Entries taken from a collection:
....

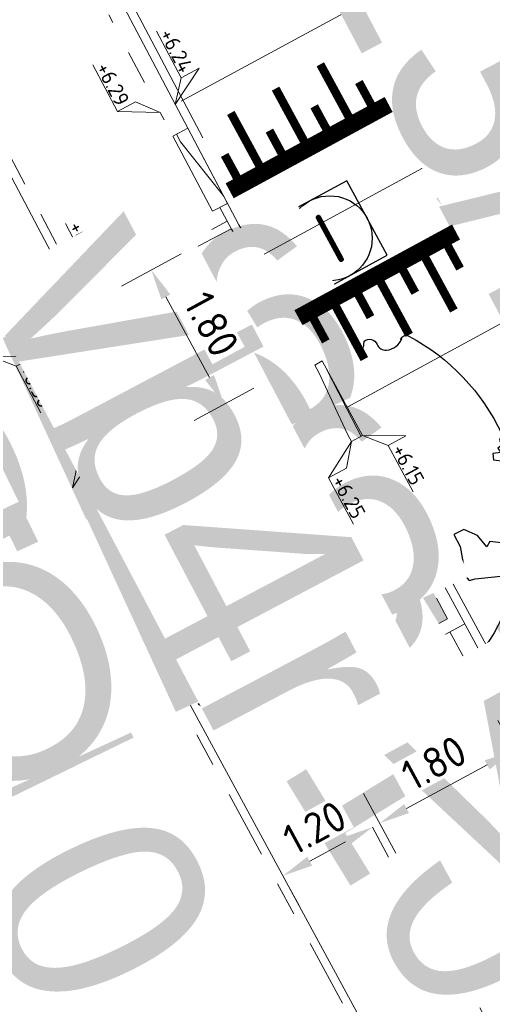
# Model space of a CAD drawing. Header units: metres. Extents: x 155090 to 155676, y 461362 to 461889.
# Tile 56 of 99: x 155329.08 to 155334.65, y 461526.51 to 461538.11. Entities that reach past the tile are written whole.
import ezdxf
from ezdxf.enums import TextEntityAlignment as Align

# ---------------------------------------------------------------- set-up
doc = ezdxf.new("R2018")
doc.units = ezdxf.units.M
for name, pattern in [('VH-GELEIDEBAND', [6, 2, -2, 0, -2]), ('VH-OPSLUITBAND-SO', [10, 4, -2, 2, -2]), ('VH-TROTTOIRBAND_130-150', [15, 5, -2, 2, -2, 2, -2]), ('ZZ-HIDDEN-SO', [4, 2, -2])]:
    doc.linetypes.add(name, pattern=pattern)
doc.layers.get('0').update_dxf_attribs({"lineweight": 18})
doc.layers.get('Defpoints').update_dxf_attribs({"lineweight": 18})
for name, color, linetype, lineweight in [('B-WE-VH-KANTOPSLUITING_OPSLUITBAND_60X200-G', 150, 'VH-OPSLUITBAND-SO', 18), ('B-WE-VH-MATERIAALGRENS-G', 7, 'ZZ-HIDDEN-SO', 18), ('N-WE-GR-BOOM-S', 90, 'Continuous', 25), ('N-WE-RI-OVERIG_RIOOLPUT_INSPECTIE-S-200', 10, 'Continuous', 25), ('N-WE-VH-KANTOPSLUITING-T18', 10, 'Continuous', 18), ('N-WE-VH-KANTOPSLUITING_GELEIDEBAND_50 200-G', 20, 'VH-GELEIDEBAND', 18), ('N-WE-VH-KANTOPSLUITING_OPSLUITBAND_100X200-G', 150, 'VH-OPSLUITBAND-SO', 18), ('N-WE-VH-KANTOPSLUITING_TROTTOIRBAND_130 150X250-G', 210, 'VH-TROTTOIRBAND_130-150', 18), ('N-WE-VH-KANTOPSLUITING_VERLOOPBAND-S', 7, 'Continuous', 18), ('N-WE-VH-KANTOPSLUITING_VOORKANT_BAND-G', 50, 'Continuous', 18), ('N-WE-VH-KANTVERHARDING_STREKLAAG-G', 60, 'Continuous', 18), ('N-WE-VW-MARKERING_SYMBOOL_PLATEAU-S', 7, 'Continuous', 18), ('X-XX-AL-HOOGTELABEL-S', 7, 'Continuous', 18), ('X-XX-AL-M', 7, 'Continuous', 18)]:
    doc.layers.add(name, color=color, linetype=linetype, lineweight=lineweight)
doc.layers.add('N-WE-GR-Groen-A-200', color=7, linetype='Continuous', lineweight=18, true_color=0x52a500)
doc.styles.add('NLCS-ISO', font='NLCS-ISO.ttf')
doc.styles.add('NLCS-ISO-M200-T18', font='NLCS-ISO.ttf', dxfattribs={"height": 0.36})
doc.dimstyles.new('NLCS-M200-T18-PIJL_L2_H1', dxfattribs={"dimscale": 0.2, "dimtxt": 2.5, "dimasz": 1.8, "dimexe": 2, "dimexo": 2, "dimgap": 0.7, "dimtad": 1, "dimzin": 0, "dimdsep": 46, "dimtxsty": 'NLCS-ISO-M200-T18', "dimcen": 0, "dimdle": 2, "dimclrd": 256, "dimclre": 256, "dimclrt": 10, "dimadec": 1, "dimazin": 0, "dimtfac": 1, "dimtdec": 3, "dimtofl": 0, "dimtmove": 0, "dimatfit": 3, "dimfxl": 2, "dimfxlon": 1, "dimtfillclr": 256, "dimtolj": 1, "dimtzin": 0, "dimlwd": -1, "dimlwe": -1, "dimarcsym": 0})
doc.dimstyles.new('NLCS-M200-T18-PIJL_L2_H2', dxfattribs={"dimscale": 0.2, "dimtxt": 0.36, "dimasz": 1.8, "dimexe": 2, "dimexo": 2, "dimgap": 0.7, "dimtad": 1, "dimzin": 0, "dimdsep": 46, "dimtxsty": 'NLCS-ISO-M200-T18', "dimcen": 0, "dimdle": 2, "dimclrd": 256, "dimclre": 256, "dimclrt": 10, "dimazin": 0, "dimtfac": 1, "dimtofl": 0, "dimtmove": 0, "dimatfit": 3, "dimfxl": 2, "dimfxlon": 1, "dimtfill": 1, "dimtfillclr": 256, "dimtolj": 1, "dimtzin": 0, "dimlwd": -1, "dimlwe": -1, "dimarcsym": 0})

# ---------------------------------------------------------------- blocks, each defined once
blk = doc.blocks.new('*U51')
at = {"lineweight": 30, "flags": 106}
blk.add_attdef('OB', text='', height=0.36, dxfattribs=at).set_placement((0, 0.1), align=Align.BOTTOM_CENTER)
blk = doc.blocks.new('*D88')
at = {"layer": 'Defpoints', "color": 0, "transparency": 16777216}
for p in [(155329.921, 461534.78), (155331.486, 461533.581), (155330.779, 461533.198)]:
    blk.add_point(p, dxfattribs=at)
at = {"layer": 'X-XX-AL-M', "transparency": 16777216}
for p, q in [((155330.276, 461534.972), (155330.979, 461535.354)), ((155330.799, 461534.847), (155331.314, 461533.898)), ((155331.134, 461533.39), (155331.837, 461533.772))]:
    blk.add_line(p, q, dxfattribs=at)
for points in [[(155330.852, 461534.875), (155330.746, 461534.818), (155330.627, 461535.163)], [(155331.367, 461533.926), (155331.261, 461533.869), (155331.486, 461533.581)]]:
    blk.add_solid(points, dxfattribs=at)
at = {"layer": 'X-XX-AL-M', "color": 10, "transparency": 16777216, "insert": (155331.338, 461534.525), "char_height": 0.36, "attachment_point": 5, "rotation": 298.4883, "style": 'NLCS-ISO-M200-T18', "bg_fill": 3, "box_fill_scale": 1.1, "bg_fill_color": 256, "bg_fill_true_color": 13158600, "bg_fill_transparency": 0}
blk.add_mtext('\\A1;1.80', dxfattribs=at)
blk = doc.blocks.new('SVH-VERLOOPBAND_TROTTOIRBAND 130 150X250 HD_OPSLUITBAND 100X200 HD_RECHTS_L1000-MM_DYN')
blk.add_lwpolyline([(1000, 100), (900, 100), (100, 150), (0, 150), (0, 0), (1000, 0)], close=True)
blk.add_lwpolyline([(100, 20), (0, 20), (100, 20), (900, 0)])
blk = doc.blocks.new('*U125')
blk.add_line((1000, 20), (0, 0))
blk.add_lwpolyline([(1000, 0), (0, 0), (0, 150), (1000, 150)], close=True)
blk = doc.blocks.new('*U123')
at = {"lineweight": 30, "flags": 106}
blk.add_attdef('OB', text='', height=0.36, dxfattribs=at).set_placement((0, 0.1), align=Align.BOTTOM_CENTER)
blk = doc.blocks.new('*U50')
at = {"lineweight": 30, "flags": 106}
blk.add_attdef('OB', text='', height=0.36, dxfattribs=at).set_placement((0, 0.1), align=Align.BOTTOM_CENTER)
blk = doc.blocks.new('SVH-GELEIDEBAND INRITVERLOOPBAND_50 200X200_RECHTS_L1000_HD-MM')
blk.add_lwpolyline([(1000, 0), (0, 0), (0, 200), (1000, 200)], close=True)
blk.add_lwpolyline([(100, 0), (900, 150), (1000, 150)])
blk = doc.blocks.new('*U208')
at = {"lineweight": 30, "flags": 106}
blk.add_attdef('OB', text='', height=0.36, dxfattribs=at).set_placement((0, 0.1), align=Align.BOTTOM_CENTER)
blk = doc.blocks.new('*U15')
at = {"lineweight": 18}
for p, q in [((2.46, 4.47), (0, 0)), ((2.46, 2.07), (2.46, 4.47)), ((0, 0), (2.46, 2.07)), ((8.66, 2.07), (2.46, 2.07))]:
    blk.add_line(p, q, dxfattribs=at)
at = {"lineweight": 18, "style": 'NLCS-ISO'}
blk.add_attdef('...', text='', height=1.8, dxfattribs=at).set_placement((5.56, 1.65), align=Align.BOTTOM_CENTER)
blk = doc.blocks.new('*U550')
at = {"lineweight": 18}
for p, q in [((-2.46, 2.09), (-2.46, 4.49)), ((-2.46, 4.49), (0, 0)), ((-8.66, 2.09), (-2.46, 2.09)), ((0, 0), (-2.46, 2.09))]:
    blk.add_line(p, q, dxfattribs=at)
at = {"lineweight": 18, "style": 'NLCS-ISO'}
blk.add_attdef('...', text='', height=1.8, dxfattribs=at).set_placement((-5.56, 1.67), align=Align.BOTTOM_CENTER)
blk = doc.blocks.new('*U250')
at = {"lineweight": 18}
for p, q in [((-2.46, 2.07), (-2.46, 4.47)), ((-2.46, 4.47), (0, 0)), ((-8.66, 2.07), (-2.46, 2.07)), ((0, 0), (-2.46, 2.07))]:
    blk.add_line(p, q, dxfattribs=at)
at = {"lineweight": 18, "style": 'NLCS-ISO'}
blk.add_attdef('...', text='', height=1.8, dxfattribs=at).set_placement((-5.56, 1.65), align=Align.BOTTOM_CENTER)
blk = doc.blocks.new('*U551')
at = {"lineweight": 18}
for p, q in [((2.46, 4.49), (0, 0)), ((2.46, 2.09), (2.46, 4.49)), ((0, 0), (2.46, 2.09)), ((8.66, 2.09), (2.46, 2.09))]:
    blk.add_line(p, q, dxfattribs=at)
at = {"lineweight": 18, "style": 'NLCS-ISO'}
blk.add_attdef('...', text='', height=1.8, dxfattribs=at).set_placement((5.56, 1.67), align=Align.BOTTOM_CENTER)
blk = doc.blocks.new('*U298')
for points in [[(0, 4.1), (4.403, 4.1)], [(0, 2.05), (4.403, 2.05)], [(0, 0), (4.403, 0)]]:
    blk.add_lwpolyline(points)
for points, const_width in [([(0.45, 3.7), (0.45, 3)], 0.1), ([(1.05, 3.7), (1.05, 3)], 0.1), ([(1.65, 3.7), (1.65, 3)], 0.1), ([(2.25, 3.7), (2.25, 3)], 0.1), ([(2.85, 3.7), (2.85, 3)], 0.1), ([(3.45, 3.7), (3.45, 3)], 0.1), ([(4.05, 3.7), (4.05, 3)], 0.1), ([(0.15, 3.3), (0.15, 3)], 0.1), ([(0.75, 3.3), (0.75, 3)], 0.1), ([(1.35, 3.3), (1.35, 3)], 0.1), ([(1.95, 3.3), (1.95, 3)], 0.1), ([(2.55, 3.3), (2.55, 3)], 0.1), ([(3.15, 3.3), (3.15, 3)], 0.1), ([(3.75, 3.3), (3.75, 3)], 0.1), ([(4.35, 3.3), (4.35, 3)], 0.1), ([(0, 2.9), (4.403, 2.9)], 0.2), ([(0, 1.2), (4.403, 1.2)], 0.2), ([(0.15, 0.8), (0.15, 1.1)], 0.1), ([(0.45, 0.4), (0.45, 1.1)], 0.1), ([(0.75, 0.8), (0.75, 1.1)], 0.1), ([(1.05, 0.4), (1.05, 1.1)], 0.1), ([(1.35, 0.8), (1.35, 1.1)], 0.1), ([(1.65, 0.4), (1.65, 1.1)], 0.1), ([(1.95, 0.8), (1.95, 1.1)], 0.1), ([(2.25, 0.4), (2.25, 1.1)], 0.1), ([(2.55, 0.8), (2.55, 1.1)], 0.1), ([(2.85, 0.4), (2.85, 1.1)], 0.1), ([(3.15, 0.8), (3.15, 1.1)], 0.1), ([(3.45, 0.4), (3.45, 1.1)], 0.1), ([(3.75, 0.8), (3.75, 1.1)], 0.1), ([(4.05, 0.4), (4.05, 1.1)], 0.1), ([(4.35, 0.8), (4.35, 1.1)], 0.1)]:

....

◆ What the task asks:
Beginning at the line that holds "blk = doc.blocks.new('*U250')", write out word for word each line through the end of the records.

◆ Answer to this problem:
blk = doc.blocks.new('*U250')
at = {"lineweight": 18}
for p, q in [((-2.46, 2.07), (-2.46, 4.47)), ((-2.46, 4.47), (0, 0)), ((-8.66, 2.07), (-2.46, 2.07)), ((0, 0), (-2.46, 2.07))]:
    blk.add_line(p, q, dxfattribs=at)
at = {"lineweight": 18, "style": 'NLCS-ISO'}
blk.add_attdef('...', text='', height=1.8, dxfattribs=at).set_placement((-5.56, 1.65), align=Align.BOTTOM_CENTER)
blk = doc.blocks.new('*U551')
at = {"lineweight": 18}
for p, q in [((2.46, 4.49), (0, 0)), ((2.46, 2.09), (2.46, 4.49)), ((0, 0), (2.46, 2.09)), ((8.66, 2.09), (2.46, 2.09))]:
    blk.add_line(p, q, dxfattribs=at)
at = {"lineweight": 18, "style": 'NLCS-ISO'}
blk.add_attdef('...', text='', height=1.8, dxfattribs=at).set_placement((5.56, 1.67), align=Align.BOTTOM_CENTER)
blk = doc.blocks.new('*U298')
for points in [[(0, 4.1), (4.403, 4.1)], [(0, 2.05), (4.403, 2.05)], [(0, 0), (4.403, 0)]]:
    blk.add_lwpolyline(points)
for points, const_width in [([(0.45, 3.7), (0.45, 3)], 0.1), ([(1.05, 3.7), (1.05, 3)], 0.1), ([(1.65, 3.7), (1.65, 3)], 0.1), ([(2.25, 3.7), (2.25, 3)], 0.1), ([(2.85, 3.7), (2.85, 3)], 0.1), ([(3.45, 3.7), (3.45, 3)], 0.1), ([(4.05, 3.7), (4.05, 3)], 0.1), ([(0.15, 3.3), (0.15, 3)], 0.1), ([(0.75, 3.3), (0.75, 3)], 0.1), ([(1.35, 3.3), (1.35, 3)], 0.1), ([(1.95, 3.3), (1.95, 3)], 0.1), ([(2.55, 3.3), (2.55, 3)], 0.1), ([(3.15, 3.3), (3.15, 3)], 0.1), ([(3.75, 3.3), (3.75, 3)], 0.1), ([(4.35, 3.3), (4.35, 3)], 0.1), ([(0, 2.9), (4.403, 2.9)], 0.2), ([(0, 1.2), (4.403, 1.2)], 0.2), ([(0.15, 0.8), (0.15, 1.1)], 0.1), ([(0.45, 0.4), (0.45, 1.1)], 0.1), ([(0.75, 0.8), (0.75, 1.1)], 0.1), ([(1.05, 0.4), (1.05, 1.1)], 0.1), ([(1.35, 0.8), (1.35, 1.1)], 0.1), ([(1.65, 0.4), (1.65, 1.1)], 0.1), ([(1.95, 0.8), (1.95, 1.1)], 0.1), ([(2.25, 0.4), (2.25, 1.1)], 0.1), ([(2.55, 0.8), (2.55, 1.1)], 0.1), ([(2.85, 0.4), (2.85, 1.1)], 0.1), ([(3.15, 0.8), (3.15, 1.1)], 0.1), ([(3.45, 0.4), (3.45, 1.1)], 0.1), ([(3.75, 0.8), (3.75, 1.1)], 0.1), ([(4.05, 0.4), (4.05, 1.1)], 0.1), ([(4.35, 0.8), (4.35, 1.1)], 0.1)]:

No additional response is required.